These clubs were true circles in which most of the ideological, social and educational transformations that society needed were debated and many of which entered the constitutional reform of the government of Federico Errázuriz Zañartu. Others of these approaches were written in the text of the Chilean Constitution of 1925.

After the creation of the Truth Lodge in 1872 –the tenth dependent upon the Grand Lodge of Chile–, a significant number of Masonic workshops were founded throughout the national territory. Influential personalities from the social, business and educational fields joined in each city.
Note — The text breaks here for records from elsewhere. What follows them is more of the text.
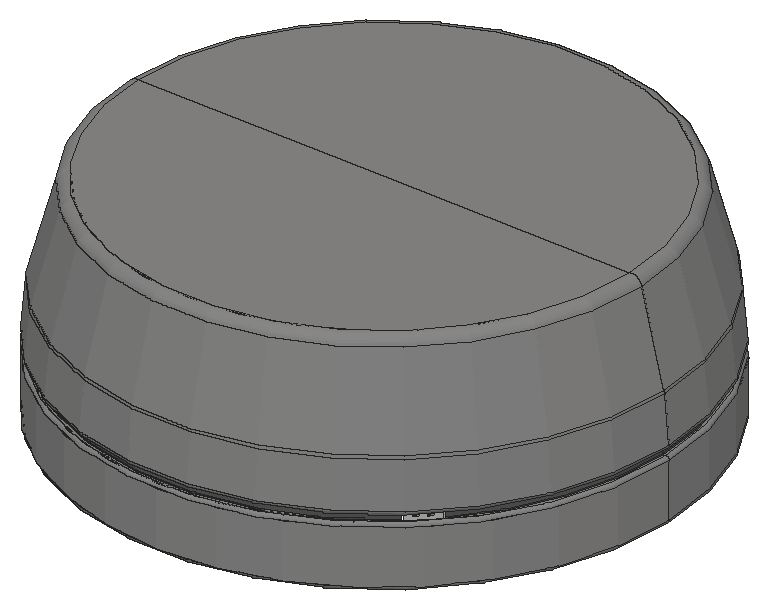
Revit family "Seating-Medium_CAL133-Teknion-STBCJ_With_USB_Qui-R2014", category Furniture, Revit 2014
Parameters (values of type "Medium With USB")
  Width = 44.500"
  Warranty = "http://www.teknionstudio.com/pdfs/Teknion%20Studio%20Warranty.pdf"
  Voltage = 125 V
  Unit Weight = 155.00 lbf
  URL = "www.teknionstudio.com"
  Top Upholstery Finish [instance] = Fabric - Teknion - F206 - Full Wool - Fantasme
  Thread Finish [instance] = Thread - Teknion - Black
  Series = "Studio"
  Product Line = "Qui"
  Product Documentation Link = "http://www.teknionstudio.com/pricing/STBCJ_ppg.pdf"
  Power Factor = 1
  Part Number = "STBCJ"
  Number of Poles = 1
  No Casters = no
  Model = "STBCJ6"
  Mid Upholstery Finish [instance] = Fabric - Teknion - F212 - Full Wool - Ink
  Manufacturer Phone = "919-464-2920"
  Manufacturer Fax = "919-464-2927"
  Manufacturer Email = "customersupport@teknionstudio.com"
  Manufacturer Address = "3941 US 70 Business HWY West, Clayton, NC 27520"
  Manufacturer = "Studio TK"
  Low Emitting Material = yes
  Low Emitting Finish = yes
  Height = 17.3001"
  Designation = "CAL 133"  # constant formula
  Description = "Qui Large Ottoman - Upholstered Mid Panel - CAL 133, w/USB Power - 44.5\"dia x 18\"h / 113cm x 46cm"
  Depth = 44.500"
  Connector Description = "Power Connector"
  Base Upholstery Finish [instance] = Fabric - Teknion - F206 - Full Wool - Fantasme
  Assembly Code = "E2020200"
  Apparent Load = 1250 VA
Reference planes (in)
  plane 1 "Center F/B": y = 0
  plane 2: z = 0
  plane 3 "Center L/R": x = 0
  plane 4 "Left": x = -22.25
  plane 5 "Right": x = 22.25
  plane 6 "Back": y = 22.25
  plane 7 "Front": y = -22.25
  plane 8 "Top": z = 17.3001
  plane 9 "Mid Top": z = 5.99
  plane 10 "Mid Bottom": z = 5.4351
  plane 11 "Bottom": z = 0.75
  plane 12: y = -10.5
  plane 13: through (0, 0, 48) normal (-0.5, 0.866, 0)
  plane 14: through (0, 0, 48) normal (0.5, 0.866, 0)
  plane 15 "Wheel Mid Plane": z = 1.19
  plane 16 "Thread 2": z = 16.6501
  plane 17 "Thread 3": x = -0.325
  plane 18 "Thread 4": x = 0.325
  plane 19: x = -3.725
  plane 20: x = 3.725
Forms (in)
  Revolve 1, solid, material "Fabric - Teknion - F206 - Full Wool - Fantasme" <- "Base Upholstery Finish"
    sketch origin (0, 0, 0) x (1, 0, 0) y (0, 0, 1)
      loop
        line (0, 5.4351) -> (-22, 5.4351)
        arc (-22, 5.4351) -> (-22.17678, 5.36188) -> (-22.25, 5.1851) r 0.25
        line (-22.25, 5.1851) -> (-22.25, 1)
        arc (-22.25, 1) -> (-22.17678, 0.82322) -> (-22, 0.75) r 0.25
        line (-22, 0.75) -> (0, 0.75) -> (0, 5.4351)
      axis (0, 5.4351) -> (0, 0.75)
    angle from 0 to 360
  Revolve 2, solid, material "Fabric - Teknion - F212 - Full Wool - Ink" <- "Mid Upholstery Finish"
    sketch origin (0, 0, 0) x (1, 0, 0) y (0, 0, 1)
      loop
        arc (-21.65, 6.0501) -> (-21.72071, 6.02081) -> (-21.75, 5.9501) r 0.1
        line (-21.75, 5.9501) -> (-21.75, 5.47013)
        arc (-21.75, 5.47013) -> (-21.72067, 5.39933) -> (-21.64987, 5.37) r 0.10013
        line (-21.64987, 5.37) -> (0, 5.37) -> (0, 6.0501) -> (-21.65, 6.0501)
      axis (0, 6.0501) -> (0, 5.37)
    angle from 0 to 360
  Revolve 3, solid, material "Fabric - Teknion - F206 - Full Wool - Fantasme" <- "Top Upholstery Finish"
    sketch origin (0, 0, 0) x (1, 0, 0) y (0, 0, 1)
      loop
        line (0, 17.3001) -> (0, 5.99) -> (21.98328, 5.99)
        arc (21.98328, 5.99) -> (22.1676, 6.0711) -> (22.23233, 6.26179) r 0.25
        line (22.23233, 6.26179) -> (21.92651, 9.75731)
        arc (21.92651, 9.75731) -> (21.91114, 9.87407) -> (21.88565, 9.98906) r 1.35
        line (21.88565, 9.98906) -> (20.1054, 16.63304)
        arc (20.1054, 16.63304) -> (19.78395, 17.11412) -> (19.23607, 17.3001) r 0.9
        line (19.23607, 17.3001) -> (0, 17.3001)
      axis (0, 5.99) -> (0, 17.3001)
    angle from 0 to 360
  Revolve 4, solid, material "Plastic - Teknion - E - Ebony"
    sketch origin (0, -9.5, 0) x (0, 1, 0) y (0, 0, 1)
      loop
        line (-10.5, 0) -> (-10.5, 0.75) -> (-11, 0.75) -> (-10.89982, 0) -> (-10.5, 0)
      axis (-10.5, 0) -> (-10.5, 0.75)
    angle from 0 to 360
  Revolve 5, solid, material "Plastic - Teknion - E - Ebony"
    sketch origin (-8.22724, -4.75, 0) x (0.866025, 0.5, 0) y (0, 0, 1)
      loop
        line (-10.5, 0) -> (-10.5, 0.75) -> (-11, 0.75) -> (-10.89982, 0) -> (-10.5, 0)
      axis (-10.5, 0) -> (-10.5, 0.75)
    angle from 0 to 360
  Revolve 6, solid, material "Plastic - Teknion - E - Ebony"
    sketch origin (-8.22724, 4.75, 0) x (0.866025, -0.5, 0) y (0, 0, 1)
      loop
        line (-10.5, 0) -> (-10.5, 0.75) -> (-11, 0.75) -> (-10.89982, 0) -> (-10.5, 0)
      axis (-10.5, 0) -> (-10.5, 0.75)
    angle from 0 to 360
  Revolve 7, solid, material "Plastic - Teknion - E - Ebony"
    sketch origin (0, 9.5, 0) x (0, -1, 0) y (0, 0, 1)
      loop
        line (-10.5, 0) -> (-10.5, 0.75) -> (-11, 0.75) -> (-10.89982, 0) -> (-10.5, 0)
      axis (-10.5, 0) -> (-10.5, 0.75)
    angle from 0 to 360
  Revolve 8, solid, material "Plastic - Teknion - E - Ebony"
    sketch origin (8.22724, 4.75, 0) x (-0.866025, -0.5, 0) y (0, 0, 1)
      loop
        line (-10.5, 0) -> (-10.5, 0.75) -> (-11, 0.75) -> (-10.89982, 0) -> (-10.5, 0)
      axis (-10.5, 0) -> (-10.5, 0.75)
    angle from 0 to 360
  Revolve 9, solid, material "Plastic - Teknion - E - Ebony"
    sketch origin (8.22724, -4.75, 0) x (-0.866025, 0.5, 0) y (0, 0, 1)
      loop
        line (-10.5, 0) -> (-10.5, 0.75) -> (-11, 0.75) -> (-10.89982, 0) -> (-10.5, 0)
      axis (-10.5, 0) -> (-10.5, 0.75)
    angle from 0 to 360
  Sweep 10, void
    path origin (0, 0, 0) x (1, 0, 0) y (0, 0, 1)
      loop
        line (0, 10) -> (0, 0)
    profile origin (0, 0, 5) x (0, -1, 0) y (1, 0, 0)
      loop
        line (17.52211, 15.55635) -> (15.55635, 17.52211) -> (10.46549, 12.43125)
        arc (10.46549, 12.43125) -> (5.57022, 15.26549) -> (0, 16.25) r 16.25
        arc (0, 16.25) -> (-5.57022, 15.26549) -> (-10.46549, 12.43125) r 16.25
        line (-10.46549, 12.43125) -> (-15.55635, 17.52211) -> (-17.52211, 15.55635) -> (-12.43125, 10.46549)
        arc (-12.43125, 10.46549) -> (-16.25, 0) -> (-12.43125, -10.46549) r 16.25
        line (-12.43125, -10.46549) -> (-17.52211, -15.55635) -> (-15.55635, -17.52211) -> (-10.46549, -12.43125)
        arc (-10.46549, -12.43125) -> (-5.57022, -15.26549) -> (0, -16.25) r 16.25
        arc (0, -16.25) -> (5.57022, -15.26549) -> (10.46549, -12.43125) r 16.25
        line (10.46549, -12.43125) -> (15.55635, -17.52211) -> (17.52211, -15.55635) -> (12.43125, -10.46549)
        arc (12.43125, -10.46549) -> (16.25, 0) -> (12.43125, 10.46549) r 16.25
        line (12.43125, 10.46549) -> (17.52211, 15.55635)
  Sweep 11, solid, material "Metal - Teknion - C9 - Polished Aluminum"
    path origin (0, 0, 0) x (1, 0, 0) y (0, 0, 1)
      loop
        line (0, 6.0501) -> (0, 5.37)
    profile origin (0, 0, 5.71005) x (0, -1, 0) y (1, 0, 0)
      loop
        line (13.96468, -15.8569) -> (14.34462, -16.23684)
        arc (14.34462, -16.23684) -> (14.41311, -16.26605) -> (14.48276, -16.23972) r 0.0998
        arc (14.48276, -16.23972) -> (15.3794, -15.37975) -> (16.23939, -14.48312) r 29.78
        arc (16.23939, -14.48312) -> (16.26585, -14.41312) -> (16.23649, -14.34427) r 0.10032
        line (16.23649, -14.34427) -> (15.8569, -13.96468) -> (15.81235, -14.00923) -> (16.21936, -14.41624)
        arc (16.21936, -14.41624) -> (15.33715, -15.33715) -> (14.41624, -16.21936) r 29.72
        line (14.41624, -16.21936) -> (14.00923, -15.81235) -> (13.96468, -15.8569)
      loop
        line (13.96468, 15.8569) -> (14.00923, 15.81235) -> (14.41624, 16.21936)
        arc (14.41624, 16.21936) -> (15.33715, 15.33715) -> (16.21936, 14.41624) r 29.72
        line (16.21936, 14.41624) -> (15.81235, 14.00923) -> (15.8569, 13.96468) -> (16.23649, 14.34427)
        arc (16.23649, 14.34427) -> (16.26585, 14.41312) -> (16.23939, 14.48312) r 0.10032
        arc (16.23939, 14.48312) -> (15.3794, 15.37975) -> (14.48276, 16.23972) r 29.78
        arc (14.48276, 16.23972) -> (14.41311, 16.26605) -> (14.34462, 16.23684) r 0.0998
        line (14.34462, 16.23684) -> (13.96468, 15.8569)
      loop
        line (-13.96468, -15.8569) -> (-14.00923, -15.81235) -> (-14.41624, -16.21936)
        arc (-14.41624, -16.21936) -> (-15.33715, -15.33715) -> (-16.21936, -14.41624) r 29.72
        line (-16.21936, -14.41624) -> (-15.81235, -14.00923) -> (-15.8569, -13.96468) -> (-16.23649, -14.34427)
        arc (-16.23649, -14.34427) -> (-16.26585, -14.41312) -> (-16.23939, -14.48312) r 0.10032
        arc (-16.23939, -14.48312) -> (-15.3794, -15.37975) -> (-14.48276, -16.23972) r 29.78
        arc (-14.48276, -16.23972) -> (-14.41311, -16.26605) -> (-14.34462, -16.23684) r 0.0998
        line (-14.34462, -16.23684) -> (-13.96468, -15.8569)
      loop
        line (-13.96468, 15.8569) -> (-14.34462, 16.23684)
        arc (-14.34462, 16.23684) -> (-14.41311, 16.26605) -> (-14.48276, 16.23972) r 0.0998
        arc (-14.48276, 16.23972) -> (-15.3794, 15.37975) -> (-16.23939, 14.48312) r 29.78
        arc (-16.23939, 14.48312) -> (-16.26585, 14.41312) -> (-16.23649, 14.34427) r 0.10032
        line (-16.23649, 14.34427) -> (-15.8569, 13.96468) -> (-15.81235, 14.00923) -> (-16.21936, 14.41624)
        arc (-16.21936, 14.41624) -> (-15.33715, 15.33715) -> (-14.41624, 16.21936) r 29.72
        line (-14.41624, 16.21936) -> (-14.00923, 15.81235) -> (-13.96468, 15.8569)
  Sweep 12, void
    path origin (0, 0, 0) x (0, 1, 0) y (0, 0, 1)
      loop
        line (0, 5.81) -> (0, 5.61)
    profile origin (0, 0, 5.71) x (1, 0, 0) y (0, 1, 0)
      loop
        line (-21.22635, 21.52402) -> (0, 0.29767) -> (21.22635, 21.52402)
        arc (21.22635, 21.52402) -> (21.04587, 21.70048) -> (20.86392, 21.87542) r 30
        line (20.86392, 21.87542) -> (0, 1.0115) -> (-20.86392, 21.87542)
        arc (-20.86392, 21.87542) -> (-21.04587, 21.70048) -> (-21.22635, 21.52402) r 30
      loop
        line (-21.87542, 20.86392) -> (-1.0115, 0) -> (-21.87542, -20.86392)
        arc (-21.87542, -20.86392) -> (-21.70048, -21.04587) -> (-21.52402, -21.22635) r 30
        line (-21.52402, -21.22635) -> (-0.29767, 0) -> (-21.52402, 21.22635)
        arc (-21.52402, 21.22635) -> (-21.70048, 21.04587) -> (-21.87542, 20.86392) r 30
      loop
        arc (21.87542, 20.86392) -> (21.70048, 21.04587) -> (21.52402, 21.22635) r 30
        line (21.52402, 21.22635) -> (0.29767, 0) -> (21.52402, -21.22635)
        arc (21.52402, -21.22635) -> (21.70048, -21.04587) -> (21.87542, -20.86392) r 30
        line (21.87542, -20.86392) -> (1.0115, 0) -> (21.87542, 20.86392)
      loop
        line (21.22635, -21.52402) -> (0, -0.29767) -> (-21.22635, -21.52402)
        arc (-21.22635, -21.52402) -> (-21.04587, -21.70048) -> (-20.86392, -21.87542) r 30
        line (-20.86392, -21.87542) -> (0, -1.0115) -> (20.86392, -21.87542)
        arc (20.86392, -21.87542) -> (21.04587, -21.70048) -> (21.22635, -21.52402) r 30
Cuts and joins
  Sweep 10 cuts Revolve 2
  Sweep 12 cuts Sweep 11
Lines and regions (in)
  Masking region 1
    outline origin (0, 0, 17.3001) x (-1, 0, 0) y (0, -1, 0)
      loop
        circle (0, 0) r 22.25
  symbolic lines, detail levels fine
    curve 1: circle (0, 0, 17.3001) r 21.75 normal (0, 0, 1)
  symbolic lines, detail levels medium+fine
    curve 2: circle (0, 0, 17.3001) r 20.1 normal (0, 0, 1)
  symbolic lines
    curve 3: circle (0, 0, 17.3001) r 19.6 normal (0, 0, 1)
  model lines, detail levels medium+fine
    curve 4: arc (0.325, -20.09737, 16.6501) -> (2.03236, -19.99699, 16.6501) -> (3.725, -19.75182, 16.6501) r 20.1
    curve 5: arc (-3.725, -19.75182, 16.6501) -> (-2.03236, -19.99699, 16.6501) -> (-0.325, -20.09737, 16.6501) r 20.1
    curve 7: line (-0.325, -20.10035, 16.6501) -> (-0.325, -21.89438, 9.95469)
    curve 8: line (-0.325, -22.22955, 6.24243) -> (-0.325, -21.94419, 9.50408)
    curve 9: arc (-0.325, -21.89438, 9.95469) -> (-0.325, -21.92161, 9.72964) -> (-0.325, -21.94419, 9.50408) r 11
    curve 10: arc (-0.325, -22.22955, 6.24243) -> (-0.325, -22.15562, 6.06393) -> (-0.325, -21.97712, 5.99) r 0.25243
    curve 11: line (-0.325, -22.25, 5.19389) -> (-0.325, -22.25, 1.00401)
    curve 12: arc (-0.325, -22.25, 1.00401) -> (-0.325, -22.1756, 0.8244) -> (-0.325, -21.99599, 0.75) r 0.25401
    curve 13: arc (-0.325, -22.25, 5.19389) -> (-0.325, -22.18367, 5.36175) -> (-0.325, -22.01808, 5.43354) r 0.23582
    curve 14: line (0.325, -20.10035, 16.6501) -> (0.325, -21.89438, 9.95469)
    curve 15: line (0.325, -22.22955, 6.24243) -> (0.325, -21.94419, 9.50408)
    curve 16: arc (0.325, -21.89438, 9.95469) -> (0.325, -21.92161, 9.72964) -> (0.325, -21.94419, 9.50408) r 11
    curve 17: arc (0.325, -22.22955, 6.24243) -> (0.325, -22.15562, 6.06393) -> (0.325, -21.97712, 5.99) r 0.25243
    curve 18: line (0.325, -22.25, 5.19389) -> (0.325, -22.25, 1.00401)
    curve 19: arc (0.325, -22.25, 1.00401) -> (0.325, -22.1756, 0.8244) -> (0.325, -21.99599, 0.75) r 0.25401
    curve 20: arc (0.325, -22.25, 5.19389) -> (0.325, -22.18367, 5.36175) -> (0.325, -22.01808, 5.43354) r 0.23582
  model lines, detail levels fine
    curve 6: arc (-3.725, -19.24277, 17.3001) -> (0, -19.6, 17.3001) -> (3.725, -19.24277, 17.3001) r 19.6
Dimensions and locks (in)
  "Height": plane 8 "Top" to level
  equal spacing: plane 4 "Left", plane 3 "Center L/R", plane 5 "Right"
  "Width": plane 4 "Left" to plane 5 "Right"
  equal spacing: plane 6 "Back", plane 1 "Center F/B", plane 7 "Front"
  "Depth": plane 6 "Back" to plane 7 "Front"
  locked: plane 3 "Center L/R" to Revolve 2 sketch curve at 21.75
  locked: plane 15 "Wheel Mid Plane" to plane 2 at 1.19
  plane 18 "Thread 4" to plane 3 "Center L/R" to plane 17 "Thread 3" = 0.325", 0.325"
  locked: plane 18 "Thread 4" to plane 17 "Thread 3" at 0.65
  Revolve 2 sketch curve to Revolve 2 sketch curve to Revolve 2 sketch curve to Revolve 2 sketch curve to plane 2 = 0.100" locked, 0.47997" locked, 0.10013" locked, 5.370" locked
  equal spacing: plane 19, plane 3 "Center L/R", plane 20
  locked: plane 19 to plane 20 at 7.45
  plane 11 "Bottom" to plane 2 = 0.750"
  locked: plane 8 "Top" to plane 16 "Thread 2" at 0.65
  Sweep 11 sketch curve to Sweep 11 sketch curve to Sweep 11 sketch curve to Sweep 11 sketch curve = 0.063" locked, 2.550" locked, 0.063" locked  (x4)
  Sweep 11 sketch curve to plane 3 "Center L/R" to Sweep 11 sketch curve = 5.67807" locked, 5.67807" locked  (x2)
  Sweep 11 sketch curve to plane 1 "Center F/B" to Sweep 11 sketch curve = 5.67807" locked, 5.67807" locked  (x2)
  plane 9 "Mid Top" to Sweep 12 sketch curve to Sweep 12 sketch curve = 0.180" locked, 0.200" locked
  Sweep 12 sketch curve to Sweep 12 sketch curve to Sweep 12 sketch curve to Sweep 12 sketch curve = 0.50476" locked, 0.42097" locked, 0.50476" locked  (x4)
  Sweep 12 sketch curve to plane 3 "Center L/R" to Sweep 12 sketch curve = 0.29767" locked, 0.29767" locked
  Sweep 11 sketch curve to plane 9 "Mid Top" to Sweep 11 sketch curve = 0.0601" locked, 0.620" locked
  radius of curve 1 = 21.750"
  radius of curve 2 = 20.100"
  radius of curve 3 = 19.600"
  radius of curve 13 = 0.23582"
  radius of curve 10 = 0.25243"
  radius of curve 12 = 0.25401"
  radius of curve 6 = 19.600"
  radius of curve 4 = 20.100"
  radius of Masking region 1 sketch curve = 22.250"
  locked: plane 5 "Right" to Revolve 3 sketch curve (angle 15.00°)
  locked: plane 5 "Right" to Revolve 3 sketch curve (angle 5.00°)
  locked: curve 5 to curve 5 (angle 9.75352°)
  locked: curve 4 to curve 4 (angle 9.75352°)
  angle plane 7 "Front" to curve 7 = 15.00°
  locked: plane 7 "Front" to curve 8 (angle 5.00°)
  aligned and locked: level to plane 2
  aligned and locked: plane 8 "Top" to Revolve 1 sketch curve
  aligned and locked: plane 2 to Revolve 1 sketch curve
  aligned and locked: Revolve 1 sketch curve to plane 3 "Center L/R"  (x2)
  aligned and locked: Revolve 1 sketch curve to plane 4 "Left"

In 1862, the Grand Lodge of Chile was recognized by the Grand Lodge of Massachusetts, that is, the same year it was founded, and the following year it would obtain recognition from the Grand Lodge of the District of Columbia.

In 1864, when the problems caused by Napoleon III in French Freemasonry had already been overcome, official recognition was obtained by the Central Grand Orient de France. By 1862, the first Constitution was promulgated under the name of Statutes of the Masonic Order in Chile.

Towards the year 1912, by agreement of the Assembly of the Grand Lodge of Chile, the Constitution and the general statutes were founded to give rise to the definitive Masonic Constitution, which had undergone reforms in the years: 1921, 1930, 1938, 1955, 1971, 1978 and 1984.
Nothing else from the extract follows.